Socrates’ was executed in 399 BC for allegedly ‘corrupting’ the youth of Athens with his ‘rebellious’ ideas. Reacting to this, Plato fled the city-state and began a tour of many countries which would last more than a decade. On his travels, he encountered a group of people who would become another major influence, the Pythagoreans. Begun by their founder Pythagoras, the school of disciples in Croton continued to promote their ‘all is number’ approach to everything.

. The Theory of Forms

The combination of these two major forces on Plato – plus, of course, his own work – brought him to his Theory of Forms, his main legacy to scientific thought. This consisted of an argument that nature, as seen through human eyes, was merely a flawed version of true ‘reality’ or ‘forms’; in an instructive metaphor, he compares humanity with cave dwellers, who live facing the back wall of the cave. What they perceive as reality, is merely the shadows thrown out by the sun. There is, therefore, little to be learnt from direct observation of them. For Plato, there had always existed an eternal, underlying mathematical form and order to the universe, and what humans saw were merely glimpses of it, usually corrupted by their own irrational perceptions and prejudices about the way things ‘are’.

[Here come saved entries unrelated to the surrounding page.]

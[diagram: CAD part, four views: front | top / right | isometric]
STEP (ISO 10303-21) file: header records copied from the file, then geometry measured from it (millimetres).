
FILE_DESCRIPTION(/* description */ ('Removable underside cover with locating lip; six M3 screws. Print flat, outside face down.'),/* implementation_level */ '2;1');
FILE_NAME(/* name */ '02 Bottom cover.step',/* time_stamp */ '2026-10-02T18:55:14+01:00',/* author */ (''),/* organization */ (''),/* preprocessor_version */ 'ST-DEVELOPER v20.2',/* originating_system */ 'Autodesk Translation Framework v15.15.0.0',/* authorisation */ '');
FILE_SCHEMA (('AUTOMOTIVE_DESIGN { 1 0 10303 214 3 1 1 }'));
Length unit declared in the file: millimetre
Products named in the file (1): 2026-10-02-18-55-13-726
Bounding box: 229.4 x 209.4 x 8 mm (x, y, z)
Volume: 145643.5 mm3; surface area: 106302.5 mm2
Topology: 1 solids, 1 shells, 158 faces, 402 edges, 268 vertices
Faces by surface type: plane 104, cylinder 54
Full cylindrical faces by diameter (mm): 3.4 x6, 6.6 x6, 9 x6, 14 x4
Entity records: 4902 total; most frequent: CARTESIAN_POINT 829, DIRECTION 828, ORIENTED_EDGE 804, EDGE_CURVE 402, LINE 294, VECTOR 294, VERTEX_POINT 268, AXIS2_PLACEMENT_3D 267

Consequently, for Plato, like the Pythagoreans, the only valid approach to science was a rational, mathematical one which sought to establish universal truths irrespective of the human condition. This validation of the numerical method strongly impacted on science; disciples following in its tradition ‘made’ discoveries by mathematical prediction. For example, arithmetic calculations would suggest that future discoveries would have particular properties, in the case of unknown elements in Dmitry Mendeleev’s first periodic table for instance, and subsequent investigative work by scientists would prove the mathematics to be true. It is an approach still used by scientists today.

. The Academy

Plato also helped to influence scientific thought in a much more physical sense by founding an Academy on his return to Athens in 387 BC. Some commentators claim this institute to be the first European university, and certainly its founding principles as a school for the systematic search for scientific and philosophical knowledge were consistent with such an establishment. Plato’s influence was pervasive; it is said there was inscription over the entrance to the institute which read, ‘Let no one enter here who is ignorant of geometry.’ Over the subsequent centuries, the Athenian Academy became recognised as the leading authority in mathematics, astronomy, science and philosophy, amongst other subjects. It survived for nearly a thousand years until the Roman emperor Justinian shut it down in 529 AD, around the time the Dark Ages began.

. The Legacy of Plato

Plato is best remembered today as one of the greatest philosophers of the Western tradition. He might not, therefore, be an obvious candidate for inclusion in any compendium of famous or influential scientists. But in exactly the same way that the influence of Plato’s work stretched into many other academic areas such as education, literature, political thought, epistemology and aesthetics, so it is the case with his science.

Although Plato’s scientific and philosophical knowledge has undergone significant revival and reinterpretation over the course of history, his logical approach to science remains influential, standing testament to his far-reaching ideas.